10-year-old Tashawn Roberts was checking the pulse in his neck during a lesson on the circulatory system when he found a lump.

A fifth-grade science lesson saved the life of one elementary school student in Florida.

The Tampa Bay Times reports that 10-year-old Tashawn Roberts was checking the pulse in his neck during a lesson on the circulatory system when he found a lump.

In October, Tashawn's fifth-grade teacher at Pinellas Park Elementary told her students to feel for their pulse, first in their wrist and then in the hollow of their necks.

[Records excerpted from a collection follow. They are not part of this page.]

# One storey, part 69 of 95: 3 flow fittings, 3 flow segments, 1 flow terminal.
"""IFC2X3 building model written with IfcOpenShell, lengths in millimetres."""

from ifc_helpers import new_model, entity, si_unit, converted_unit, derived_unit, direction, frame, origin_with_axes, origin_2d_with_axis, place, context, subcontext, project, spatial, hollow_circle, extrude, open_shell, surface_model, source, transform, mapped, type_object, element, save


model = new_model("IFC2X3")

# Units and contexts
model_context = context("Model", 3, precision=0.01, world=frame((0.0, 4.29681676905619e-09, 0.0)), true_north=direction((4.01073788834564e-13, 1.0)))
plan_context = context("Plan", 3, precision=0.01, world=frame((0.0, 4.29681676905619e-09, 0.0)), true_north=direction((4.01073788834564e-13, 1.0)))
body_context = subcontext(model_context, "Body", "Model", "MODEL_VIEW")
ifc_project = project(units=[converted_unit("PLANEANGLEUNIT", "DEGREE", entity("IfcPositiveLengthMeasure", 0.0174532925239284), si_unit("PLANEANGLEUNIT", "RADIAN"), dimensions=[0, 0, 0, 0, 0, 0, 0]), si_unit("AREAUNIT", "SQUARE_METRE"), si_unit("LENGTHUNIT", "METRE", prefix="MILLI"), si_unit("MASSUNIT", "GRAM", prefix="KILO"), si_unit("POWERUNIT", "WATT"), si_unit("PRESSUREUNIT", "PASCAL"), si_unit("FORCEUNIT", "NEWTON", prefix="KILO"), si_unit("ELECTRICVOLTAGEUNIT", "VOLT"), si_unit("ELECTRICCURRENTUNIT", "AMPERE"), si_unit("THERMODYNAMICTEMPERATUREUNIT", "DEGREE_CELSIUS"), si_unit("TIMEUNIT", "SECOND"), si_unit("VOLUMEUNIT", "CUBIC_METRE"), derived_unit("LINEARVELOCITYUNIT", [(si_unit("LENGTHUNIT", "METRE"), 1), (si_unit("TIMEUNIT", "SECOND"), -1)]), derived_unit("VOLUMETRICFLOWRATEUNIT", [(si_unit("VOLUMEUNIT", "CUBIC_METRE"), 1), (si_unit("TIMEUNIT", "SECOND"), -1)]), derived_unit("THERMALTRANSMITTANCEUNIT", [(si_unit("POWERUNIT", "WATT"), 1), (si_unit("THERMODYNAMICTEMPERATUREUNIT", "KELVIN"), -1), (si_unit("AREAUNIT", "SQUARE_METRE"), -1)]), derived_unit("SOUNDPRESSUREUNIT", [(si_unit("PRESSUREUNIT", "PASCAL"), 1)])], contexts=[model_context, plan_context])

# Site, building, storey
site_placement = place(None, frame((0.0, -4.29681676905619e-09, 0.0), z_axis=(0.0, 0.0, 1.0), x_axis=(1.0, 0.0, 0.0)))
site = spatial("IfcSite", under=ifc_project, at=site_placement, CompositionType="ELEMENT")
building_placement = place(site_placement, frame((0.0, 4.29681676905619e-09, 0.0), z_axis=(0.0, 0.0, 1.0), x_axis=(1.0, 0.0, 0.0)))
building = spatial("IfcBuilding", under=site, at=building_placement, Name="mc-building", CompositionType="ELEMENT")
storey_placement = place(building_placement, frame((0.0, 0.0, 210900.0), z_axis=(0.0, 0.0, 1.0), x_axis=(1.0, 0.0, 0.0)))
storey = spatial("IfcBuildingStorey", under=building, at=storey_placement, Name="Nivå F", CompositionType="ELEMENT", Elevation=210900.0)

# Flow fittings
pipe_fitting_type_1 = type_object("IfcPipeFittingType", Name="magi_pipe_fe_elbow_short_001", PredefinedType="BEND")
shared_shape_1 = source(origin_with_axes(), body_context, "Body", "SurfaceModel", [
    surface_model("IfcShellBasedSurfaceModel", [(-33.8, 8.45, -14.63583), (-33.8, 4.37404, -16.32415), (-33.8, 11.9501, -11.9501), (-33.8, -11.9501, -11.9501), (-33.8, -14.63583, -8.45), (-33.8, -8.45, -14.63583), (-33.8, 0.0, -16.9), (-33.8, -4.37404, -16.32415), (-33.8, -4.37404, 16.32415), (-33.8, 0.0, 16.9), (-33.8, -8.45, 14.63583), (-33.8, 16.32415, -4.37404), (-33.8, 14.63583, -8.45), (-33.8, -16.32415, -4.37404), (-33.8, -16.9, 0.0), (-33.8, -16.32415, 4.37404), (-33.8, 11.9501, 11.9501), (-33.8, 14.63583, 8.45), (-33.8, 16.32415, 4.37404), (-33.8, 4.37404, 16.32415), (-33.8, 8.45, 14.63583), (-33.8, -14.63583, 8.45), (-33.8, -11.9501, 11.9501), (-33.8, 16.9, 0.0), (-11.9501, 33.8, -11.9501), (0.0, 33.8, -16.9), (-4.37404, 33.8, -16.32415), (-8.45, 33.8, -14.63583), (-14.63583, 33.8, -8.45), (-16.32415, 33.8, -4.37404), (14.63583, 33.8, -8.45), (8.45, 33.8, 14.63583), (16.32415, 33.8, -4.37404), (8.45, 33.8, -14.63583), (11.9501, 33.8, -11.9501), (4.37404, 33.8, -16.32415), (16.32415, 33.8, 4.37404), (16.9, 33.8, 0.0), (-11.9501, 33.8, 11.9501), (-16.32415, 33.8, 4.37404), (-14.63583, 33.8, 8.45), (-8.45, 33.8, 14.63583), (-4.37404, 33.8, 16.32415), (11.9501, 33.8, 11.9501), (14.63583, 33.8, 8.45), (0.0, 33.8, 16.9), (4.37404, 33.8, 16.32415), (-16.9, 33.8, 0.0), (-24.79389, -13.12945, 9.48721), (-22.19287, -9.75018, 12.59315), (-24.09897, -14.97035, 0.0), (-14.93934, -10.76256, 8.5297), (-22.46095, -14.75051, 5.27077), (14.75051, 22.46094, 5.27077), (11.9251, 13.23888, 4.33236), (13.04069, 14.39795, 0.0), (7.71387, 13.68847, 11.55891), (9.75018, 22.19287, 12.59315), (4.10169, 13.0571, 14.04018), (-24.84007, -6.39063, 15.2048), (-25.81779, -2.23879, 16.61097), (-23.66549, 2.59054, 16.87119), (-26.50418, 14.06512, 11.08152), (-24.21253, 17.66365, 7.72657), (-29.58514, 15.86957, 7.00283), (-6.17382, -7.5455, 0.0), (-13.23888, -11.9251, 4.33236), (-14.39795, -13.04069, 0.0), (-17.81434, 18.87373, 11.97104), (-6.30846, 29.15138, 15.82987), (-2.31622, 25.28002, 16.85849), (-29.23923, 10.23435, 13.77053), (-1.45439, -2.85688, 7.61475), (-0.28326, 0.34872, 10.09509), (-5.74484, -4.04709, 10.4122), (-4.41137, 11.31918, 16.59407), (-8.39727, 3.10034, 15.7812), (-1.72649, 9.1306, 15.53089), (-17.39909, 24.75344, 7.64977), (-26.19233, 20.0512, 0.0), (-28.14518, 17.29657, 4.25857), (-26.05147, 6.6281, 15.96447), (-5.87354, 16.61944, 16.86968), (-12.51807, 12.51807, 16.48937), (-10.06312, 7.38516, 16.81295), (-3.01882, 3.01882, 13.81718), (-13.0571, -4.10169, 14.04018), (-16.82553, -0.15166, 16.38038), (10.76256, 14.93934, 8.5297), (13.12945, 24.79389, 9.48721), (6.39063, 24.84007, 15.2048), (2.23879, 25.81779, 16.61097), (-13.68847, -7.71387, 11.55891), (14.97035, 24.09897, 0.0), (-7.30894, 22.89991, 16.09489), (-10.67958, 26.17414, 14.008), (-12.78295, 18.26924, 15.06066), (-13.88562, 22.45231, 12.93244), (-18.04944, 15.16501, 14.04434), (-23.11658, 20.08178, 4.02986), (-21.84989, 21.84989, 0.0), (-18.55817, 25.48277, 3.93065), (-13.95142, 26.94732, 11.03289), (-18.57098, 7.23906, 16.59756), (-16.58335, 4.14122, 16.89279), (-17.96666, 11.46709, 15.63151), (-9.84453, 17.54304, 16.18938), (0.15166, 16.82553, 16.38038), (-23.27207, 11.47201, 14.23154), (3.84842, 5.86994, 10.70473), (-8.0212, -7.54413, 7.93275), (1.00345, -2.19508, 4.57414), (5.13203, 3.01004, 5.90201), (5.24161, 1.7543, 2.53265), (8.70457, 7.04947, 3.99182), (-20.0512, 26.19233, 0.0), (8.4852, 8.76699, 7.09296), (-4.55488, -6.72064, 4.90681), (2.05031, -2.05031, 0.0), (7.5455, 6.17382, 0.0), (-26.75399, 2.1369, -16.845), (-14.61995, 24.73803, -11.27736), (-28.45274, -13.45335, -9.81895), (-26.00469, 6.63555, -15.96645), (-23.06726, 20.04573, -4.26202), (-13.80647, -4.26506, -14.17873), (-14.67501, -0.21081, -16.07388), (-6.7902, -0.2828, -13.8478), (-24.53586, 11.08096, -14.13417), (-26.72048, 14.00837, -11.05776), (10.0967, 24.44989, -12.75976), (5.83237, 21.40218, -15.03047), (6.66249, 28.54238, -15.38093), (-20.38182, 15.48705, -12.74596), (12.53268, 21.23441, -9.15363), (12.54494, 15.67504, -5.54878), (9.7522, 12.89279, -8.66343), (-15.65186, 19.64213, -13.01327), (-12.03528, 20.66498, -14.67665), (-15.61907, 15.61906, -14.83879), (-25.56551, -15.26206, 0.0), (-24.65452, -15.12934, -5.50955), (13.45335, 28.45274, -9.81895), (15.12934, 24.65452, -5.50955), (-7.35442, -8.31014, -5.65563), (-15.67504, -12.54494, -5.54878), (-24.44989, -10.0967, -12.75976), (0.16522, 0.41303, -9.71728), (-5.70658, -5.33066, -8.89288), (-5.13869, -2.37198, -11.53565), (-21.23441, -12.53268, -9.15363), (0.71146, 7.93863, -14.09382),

Tashawn pressed two fingers to his neck, where the blood branching through his body bumped against bone, and felt for the thump, thump, thump.

Tashawn couldn't find it. "Miss Digman," he said, "I found a lump."

The boy was rushed into surgery for a golf-ball sized aneurysm in his neck that, had it gone undetected, could have ruptured and caused brain damage or ended Tashawn's life.

The boy and his teacher were both new to Pinellas Park Elementary, and the circulatory system isn't usually taught until much later in the school year, when it could have been too late.

What brought them all together, somehow, started with failure.

In early summer, the school learned it would be named an F school. About 57 percent of students had failed the state's reading test, and 69 percent had failed the one for math.

Teacher Michelle Digman was one of the new teachers hired for the fall. It was also Tashawn's first year at Pinellas Park.

Digman told Tashawn's mother about his progress in class, something his mother liked. And when her son came home talking about the lump he found in science class, she took him to the emergency room.

The surgery took two hours as doctors replaced the vein in Tashawn's neck with one from his leg.